╔══

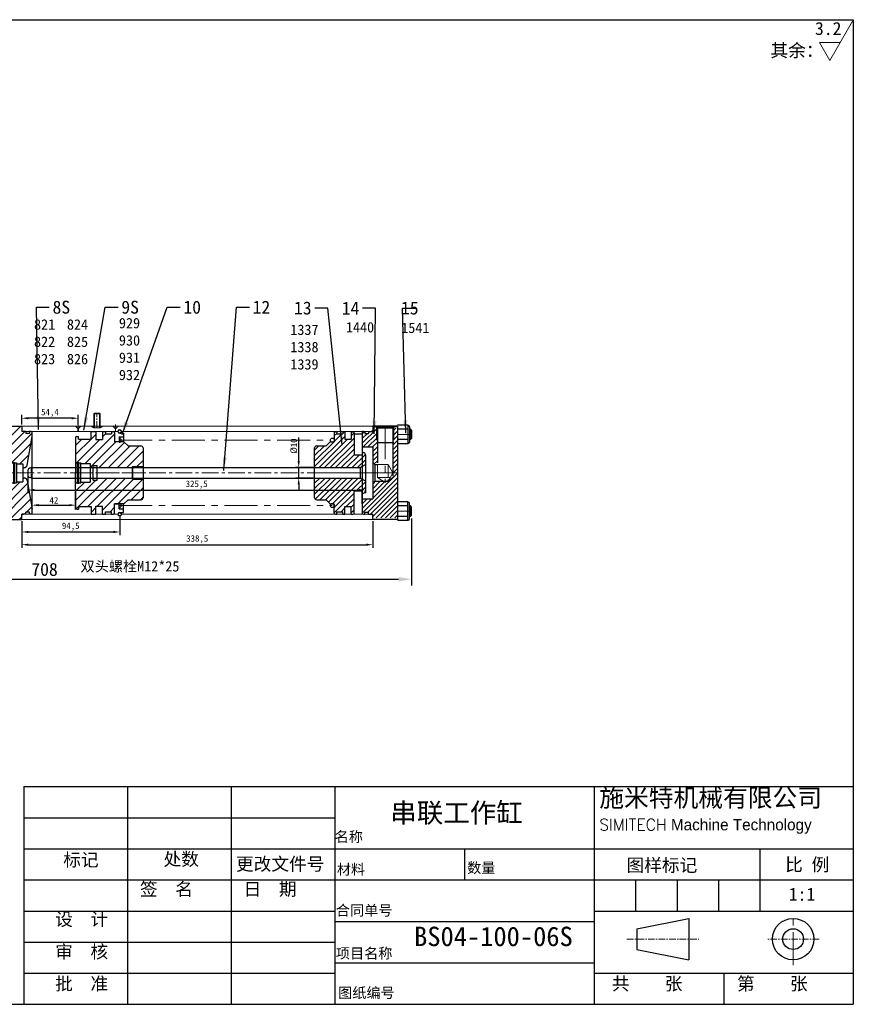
# Model space of a CAD drawing. Header units: millimetres. Extents: x 2766 to 5822, y 7746 to 8707.
# Tile 2 of 4: x 3362 to 4166, y 7746 to 8696. Entities that reach past the tile are written whole.
import ezdxf

# ---------------------------------------------------------------- set-up
doc = ezdxf.new("R2010")
doc.units = ezdxf.units.MM
doc.header["$MEASUREMENT"] = 0
for name, pattern in [('CENTER', [50.8, 31.75, -6.35, 6.35, -6.35]), ('DASHED', [19.05, 12.7, -6.35]), ('HIDDEN', [9.525, 6.35, -3.175])]:
    doc.linetypes.add(name, pattern=pattern)
doc.layers.get('Defpoints').update_dxf_attribs({"lineweight": 25})
for name, color, linetype, lineweight in [('图层1', 7, 'Continuous', 25), ('图层2', 3, 'CENTER', 13), ('图层3', 2, 'Continuous', 13), ('图层4', 1, 'Continuous', 30), ('图层5', 5, 'DASHED', 13), ('图层6', 6, 'HIDDEN', 13), ('图层7', 4, 'Continuous', 13)]:
    doc.layers.add(name, color=color, linetype=linetype, lineweight=lineweight)
doc.dimstyles.new('ISO-25', dxfattribs={"dimscale": 2, "dimtxt": 2.5, "dimasz": 2.5, "dimexe": 1.25, "dimexo": 0.625, "dimtad": 1, "dimtxsty": 'Standard', "dimcen": 2.5, "dimadec": 0, "dimazin": 0, "dimtfac": 1, "dimtmove": 0, "dimatfit": 3, "dimfxl": 1, "dimarcsym": 0})

# ---------------------------------------------------------------- blocks, each defined once
blk = doc.blocks.new('*D3432')
at = {"layer": 'Defpoints', "color": 0}
for p in [(3415.52, 8242.64), (3415.52, 8228.04), (3373.52, 8224.25)]:
    blk.add_point(p, dxfattribs=at)
at = {"layer": '图层3', "color": 0, "lineweight": -2}
for p, q in [((3415.52, 8241.08), (3415.52, 8224.92)), ((3373.52, 8225.81), (3373.52, 8231.17)), ((3379.77, 8228.04), (3409.27, 8228.04))]:
    blk.add_line(p, q, dxfattribs=at)
at = {"layer": '图层3', "color": 0}
for points in [[(3379.77, 8229.09), (3379.77, 8227), (3373.52, 8228.04)], [(3409.27, 8227), (3409.27, 8229.09), (3415.52, 8228.04)]]:
    blk.add_solid(points, dxfattribs=at)
at = {"layer": '图层3', "color": 0, "insert": (3394.52, 8232.73), "char_height": 6.25, "attachment_point": 5}
blk.add_mtext('42', dxfattribs=at)
blk = doc.blocks.new('*D3433')
at = {"layer": 'Defpoints', "color": 0}
for p in [(3363.52, 8214.25), (3702.02, 8214.25), (3702.02, 8189.9)]:
    blk.add_point(p, dxfattribs=at)
at = {"layer": '图层3', "color": 0, "lineweight": -2}
for p, q in [((3363.52, 8212.69), (3363.52, 8186.78)), ((3702.02, 8212.69), (3702.02, 8186.78)), ((3369.77, 8189.9), (3695.77, 8189.9))]:
    blk.add_line(p, q, dxfattribs=at)
at = {"layer": '图层3', "color": 0}
for points in [[(3369.77, 8190.95), (3369.77, 8188.86), (3363.52, 8189.9)], [(3695.77, 8188.86), (3695.77, 8190.95), (3702.02, 8189.9)]]:
    blk.add_solid(points, dxfattribs=at)
at = {"layer": '图层3', "color": 0, "insert": (3532.77, 8195.11), "char_height": 6.25, "attachment_point": 5}
blk.add_mtext('338,5', dxfattribs=at)
blk = doc.blocks.new('*D3434')
at = {"layer": 'Defpoints', "color": 0}
for p in [(3630.66, 8264.25), (3646.02, 8264.25), (3646.02, 8254.25)]:
    blk.add_point(p, dxfattribs=at)
at = {"layer": '图层3', "color": 0, "lineweight": -2}
for p, q in [((3630.66, 8270.5), (3630.66, 8293.42)), ((3644.46, 8264.25), (3627.53, 8264.25)), ((3630.66, 8254.25), (3630.66, 8264.25)), ((3644.46, 8254.25), (3627.53, 8254.25)), ((3630.66, 8248), (3630.66, 8241.75))]:
    blk.add_line(p, q, dxfattribs=at)
at = {"layer": '图层3', "color": 0}
for points in [[(3629.62, 8270.5), (3631.7, 8270.5), (3630.66, 8264.25)], [(3631.7, 8248), (3629.62, 8248), (3630.66, 8254.25)]]:
    blk.add_solid(points, dxfattribs=at)
at = {"layer": '图层3', "color": 0, "insert": (3625.97, 8285.09), "char_height": 6.25, "attachment_point": 5, "rotation": 90}
blk.add_mtext('%%c10', dxfattribs=at)
blk = doc.blocks.new('*D3435')
at = {"layer": 'Defpoints', "color": 0}
for p in [(3363.52, 8311.93), (3363.52, 8304.25), (3417.92, 8304.25)]:
    blk.add_point(p, dxfattribs=at)
at = {"layer": '图层3', "color": 0, "lineweight": -2}
for p, q in [((3363.52, 8305.81), (3363.52, 8315.05)), ((3417.92, 8305.81), (3417.92, 8315.05)), ((3411.67, 8311.93), (3369.77, 8311.93))]:
    blk.add_line(p, q, dxfattribs=at)
at = {"layer": '图层3', "color": 0}
for points in [[(3369.77, 8312.97), (3369.77, 8310.88), (3363.52, 8311.93)], [(3411.67, 8310.88), (3411.67, 8312.97), (3417.92, 8311.93)]]:
    blk.add_solid(points, dxfattribs=at)
at = {"layer": '图层3', "color": 0, "insert": (3390.72, 8317.13), "char_height": 6.25, "attachment_point": 5}
blk.add_mtext('54,4', dxfattribs=at)
blk = doc.blocks.new('*D3436')
at = {"layer": 'Defpoints', "color": 0}
for p in [(3458.02, 8219.45), (3363.52, 8214.25), (3458.02, 8202.19)]:
    blk.add_point(p, dxfattribs=at)
at = {"layer": '图层3', "color": 0, "lineweight": -2}
for p, q in [((3458.02, 8217.89), (3458.02, 8199.06)), ((3363.52, 8212.69), (3363.52, 8199.06)), ((3369.77, 8202.19), (3451.77, 8202.19))]:
    blk.add_line(p, q, dxfattribs=at)
at = {"layer": '图层3', "color": 0}
for points in [[(3369.77, 8203.23), (3369.77, 8201.14), (3363.52, 8202.19)], [(3451.77, 8201.14), (3451.77, 8203.23), (3458.02, 8202.19)]]:
    blk.add_solid(points, dxfattribs=at)
at = {"layer": '图层3', "color": 0, "insert": (3410.77, 8207.39), "char_height": 6.25, "attachment_point": 5}
blk.add_mtext('94,5', dxfattribs=at)
blk = doc.blocks.new('*D3437')
at = {"layer": 'Defpoints', "color": 0}
for p in [(3369.52, 8259.25), (3695.02, 8259.25), (3695.02, 8242.64)]:
    blk.add_point(p, dxfattribs=at)
at = {"layer": '图层3', "color": 0, "lineweight": -2}
for p, q in [((3369.52, 8257.69), (3369.52, 8239.52)), ((3695.02, 8257.69), (3695.02, 8239.52)), ((3375.77, 8242.64), (3688.77, 8242.64))]:
    blk.add_line(p, q, dxfattribs=at)
at = {"layer": '图层3', "color": 0}
for points in [[(3375.77, 8243.69), (3375.77, 8241.6), (3369.52, 8242.64)], [(3688.77, 8241.6), (3688.77, 8243.69), (3695.02, 8242.64)]]:
    blk.add_solid(points, dxfattribs=at)
at = {"layer": '图层3', "color": 0, "insert": (3532.27, 8247.85), "char_height": 6.25, "attachment_point": 5}
blk.add_mtext('325,5', dxfattribs=at)
blk = doc.blocks.new('80-10铝活塞')
at = {"layer": '图层7'}
h = blk.add_hatch(dxfattribs=at)
h.set_pattern_fill('ANSI31', color=256, scale=50)
h.paths.add_polyline_path([(-236.64, -65.84), (-251.14, -65.84), (-255.14, -61.84), (-264.14, -61.84), (-264.14, -53.09, 0.414214), (-265.14, -52.09), (-267.14, -52.09), (-267.14, -54.34), (-272.74, -54.34), (-272.74, -52.09), (-275.84, -52.09), (-275.84, -59.59), (-282.14, -59.59), (-282.14, -52.09), (-286.74, -52.09), (-286.74, -59.34), (-298.74, -59.34), (-298.74, -56.84), (-300.64, -56.84, 0.414214), (-301.64, -57.84), (-301.64, -82.34), (-299.74, -82.34), (-299.74, -81.84), (-298.64, -81.84), (-298.64, -82.34), (-296.64, -82.34), (-296.64, -82.84), (-287.64, -82.84), (-287.64, -86.84), (-284.64, -86.84), (-284.64, -84.74), (-281.04, -84.74), (-281.04, -86.84), (-247.24, -86.84), (-246.66, -85.84), (-236.64, -85.84)])
h.paths.add_polyline_path([(-236.64, -97.84), (-246.66, -97.84), (-247.24, -96.84), (-281.04, -96.84), (-281.04, -98.94), (-284.64, -98.94), (-284.64, -96.84), (-287.64, -96.84), (-287.64, -100.84), (-296.64, -100.84), (-296.64, -101.34), (-298.64, -101.34), (-298.64, -101.84), (-299.74, -101.84), (-299.74, -101.34), (-301.64, -101.34), (-301.64, -125.84, 0.414214), (-300.64, -126.84), (-298.74, -126.84), (-298.74, -124.34), (-286.74, -124.34), (-286.74, -131.59), (-282.14, -131.59), (-282.14, -124.09), (-275.84, -124.09), (-275.84, -131.59), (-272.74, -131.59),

╚══

> _What is being asked_
From the material above, copy exactly the lines between the line holding "blk.add_mtext('94,5', dxfattribs=at)" and the line holding "h.set_pattern_fill('ANSI31', color=256, scale=50)", inclusive, and only those.

> _Result for this exercise_
blk.add_mtext('94,5', dxfattribs=at)
blk = doc.blocks.new('*D3437')
at = {"layer": 'Defpoints', "color": 0}
for p in [(3369.52, 8259.25), (3695.02, 8259.25), (3695.02, 8242.64)]:
    blk.add_point(p, dxfattribs=at)
at = {"layer": '图层3', "color": 0, "lineweight": -2}
for p, q in [((3369.52, 8257.69), (3369.52, 8239.52)), ((3695.02, 8257.69), (3695.02, 8239.52)), ((3375.77, 8242.64), (3688.77, 8242.64))]:
    blk.add_line(p, q, dxfattribs=at)
at = {"layer": '图层3', "color": 0}
for points in [[(3375.77, 8243.69), (3375.77, 8241.6), (3369.52, 8242.64)], [(3688.77, 8241.6), (3688.77, 8243.69), (3695.02, 8242.64)]]:
    blk.add_solid(points, dxfattribs=at)
at = {"layer": '图层3', "color": 0, "insert": (3532.27, 8247.85), "char_height": 6.25, "attachment_point": 5}
blk.add_mtext('325,5', dxfattribs=at)
blk = doc.blocks.new('80-10铝活塞')
at = {"layer": '图层7'}
h = blk.add_hatch(dxfattribs=at)
h.set_pattern_fill('ANSI31', color=256, scale=50)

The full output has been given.